Europe factory sector almost stalls, Asia slows

SINGAPORE (Reuters) - China's factory activity slowed down in July and by one measure contracted as manufacturing across much of Asia weakened on signs that global demand is losing momentum.

Shrinking order books sent the euro zone's manufacturing sector into effective stagnation in July, purchasing managers' indexes showed. The sector in the euro currency zone grew at its weakest pace since the region emerged from recession.

Manufacturers in the euro zone's Franco-German core expanded at a slower pace last month, having long propped up growth among euro zone factories at large, while the sharp declines seen in Spain during May and June deepened in July.

The Markit Eurozone Manufacturing PMI, which measures changes in the activities of thousands of euro zone manufacturers, fell to 50.4 in July from 52.0 in June -- unrevised from the preliminary reading of 50.4.

PMIs from HSBC showed manufacturing sectors in China, Taiwan and Russia contracted. Factories expanded in India, but at their slowest pace in 20 months.

In China, the HSBC PMI fell to 49.3 points in July from 51.6 in June, falling below the 50 mark that divides growth from contraction for the first time in a year as tight monetary policy and weak global demand weighed.

However, a Chinese government PMI showed that the country's vast manufacturing sector expanded in July, but at its slowest pace in more than two years. The index fell to 50.7 from 50.9 in June.

The HSBC PMI is tilted toward the private sector, which has been hit harder by tightening monetary conditions in China, while the official PMI leans toward measuring large state-owned firms that have better access to bank loans.

Beijing has instigated a series of interest rate increases and rises in bank reserves to try to combat inflation that rose in June to a three-year high.

India's factory sector growth slowed down in July for the third month in a row. The HSBC PMI dropped to 53.6, from 55.3 in June, the lowest level since November 2009.

The indexes added though to worries that sovereign debt in major demand centers such as Europe and the United States is weighing on their economic recoveries from the global financial crisis.

New export order growth in China, the world's biggest exporter, hit its lowest level in 17 months, the official survey showed.

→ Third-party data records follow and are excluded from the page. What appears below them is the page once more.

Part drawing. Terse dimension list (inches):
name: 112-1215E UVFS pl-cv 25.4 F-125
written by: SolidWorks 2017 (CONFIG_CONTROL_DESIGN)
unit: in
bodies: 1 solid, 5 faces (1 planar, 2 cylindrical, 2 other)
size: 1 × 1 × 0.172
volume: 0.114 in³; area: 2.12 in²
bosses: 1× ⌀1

But HSBC said new export orders in India fell in July at their fastest pace in 29 months and in Taiwan, home to the world's two biggest contract chip makers, they fell markedly and for the first time in nine months.

"There is still a lot of uncertainty about how global demand will hold up," said Vishnu Varathan, economist at Capital Economics in Singapore.

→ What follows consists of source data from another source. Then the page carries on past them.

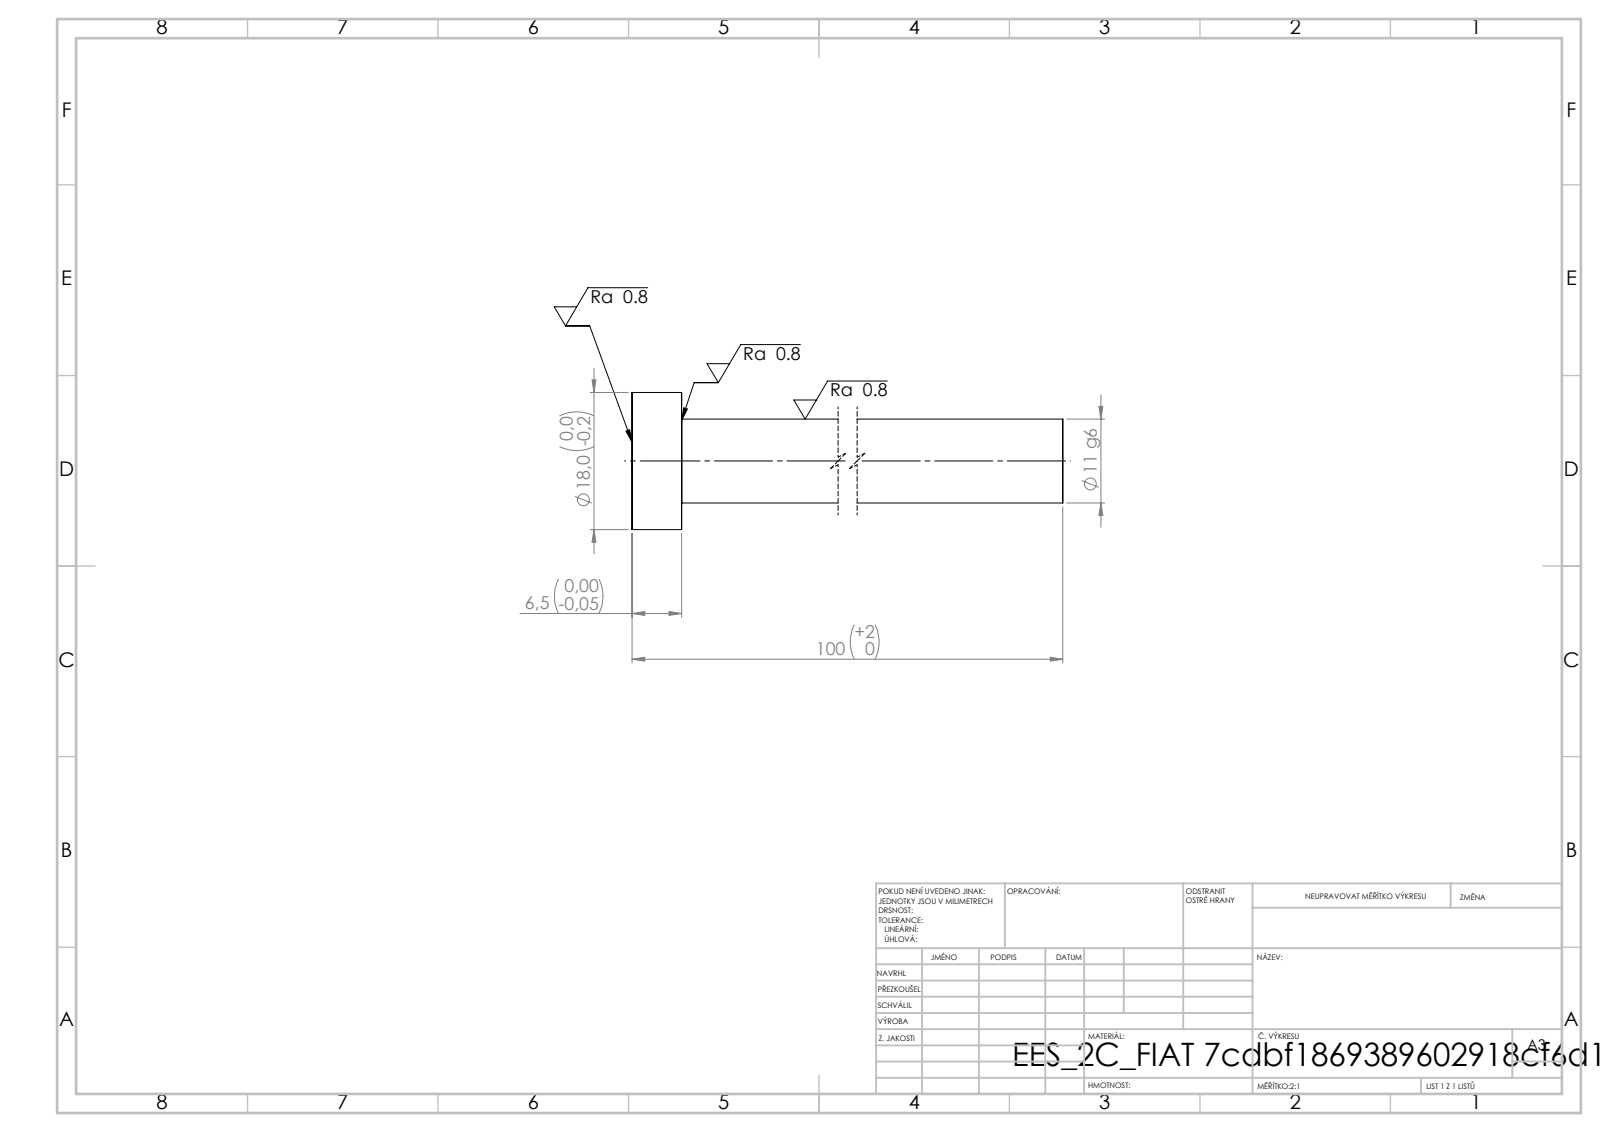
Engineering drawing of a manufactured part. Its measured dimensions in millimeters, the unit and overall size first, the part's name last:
Units: millimetres
Overall size (bounding box): 100 × 18 × 18
Round bosses / shafts (diameter × count): ⌀18 ×1, ⌀11 ×1
Main face-to-face distances: 6.5, 100, 93.5
Volume: 10 540 mm³ · Surface area: 4 108 mm²
Bodies: 1 solid, 7 faces (3 planar, 4 cylindrical, 0 other)
STEP written by: SolidWorks 2019 (CONFIG_CONTROL_DESIGN)

Many economists say China's economic growth is slowing down, rather than slumping. But some say Beijing is treading an increasingly fine balance between fostering growth and fighting inflation, especially as its monetary policy tightening campaign runs into its 10th month.

Investors are far more sensitive to any wobble in China amid the debt crises in the United States and Europe. U.S. lawmakers are expected to vote on Monday on a White-House backed deal to raise the country's $14.3 trillion borrowing limit, to resolve a crisis that had weighed on economies globally.

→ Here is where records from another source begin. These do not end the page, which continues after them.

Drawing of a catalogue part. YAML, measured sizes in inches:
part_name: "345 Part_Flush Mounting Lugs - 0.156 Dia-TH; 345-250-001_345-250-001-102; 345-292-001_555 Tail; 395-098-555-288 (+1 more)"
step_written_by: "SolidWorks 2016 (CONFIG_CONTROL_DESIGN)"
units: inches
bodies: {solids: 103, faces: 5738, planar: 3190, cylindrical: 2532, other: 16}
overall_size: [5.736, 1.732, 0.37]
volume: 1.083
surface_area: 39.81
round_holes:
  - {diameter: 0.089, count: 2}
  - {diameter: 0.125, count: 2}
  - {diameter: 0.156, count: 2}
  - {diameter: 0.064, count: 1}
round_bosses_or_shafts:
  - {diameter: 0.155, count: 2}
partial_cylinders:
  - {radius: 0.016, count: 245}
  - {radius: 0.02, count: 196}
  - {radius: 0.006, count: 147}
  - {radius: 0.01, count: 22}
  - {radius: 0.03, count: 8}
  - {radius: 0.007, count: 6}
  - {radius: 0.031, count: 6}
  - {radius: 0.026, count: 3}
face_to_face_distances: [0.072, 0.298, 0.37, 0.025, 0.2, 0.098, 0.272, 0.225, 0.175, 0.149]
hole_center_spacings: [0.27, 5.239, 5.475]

In a sign of strength in the Chinese economy, overall new orders grew in July and at a faster pace than in June.

Asia ex-Japan currencies received a boost from the China and Korea PMI data as the market perceived the economies were no where close to a hard-landing.

The Malaysian ringgit rose while the South Korean won and the Philippine peso raced to three-year peaks.

Hedge funds have been buyers of emerging Asian currencies on hopes for a U.S. debt deal and data showing strong economic growth in the region.

Taiwan's July PMI signaled a second consecutive month-on-month reduction in manufacturing sector output and the steepest contraction since January 2009, as new orders continued to decline.

South Korea's manufacturing sector growth accelerated for the first time in seven months in July and new export orders also picked up, the HSBC survey showed.

"Taiwan appears more susceptible to a global slowdown compared with Korea. Given the recent moderation in activity in the U.S. and China, it is quite likely that Taiwan is getting more impacted than Korea," said Devika Mehndiratta, vice president at Credit Suisse, referring to Taiwan's much deeper trade links with China and the United States.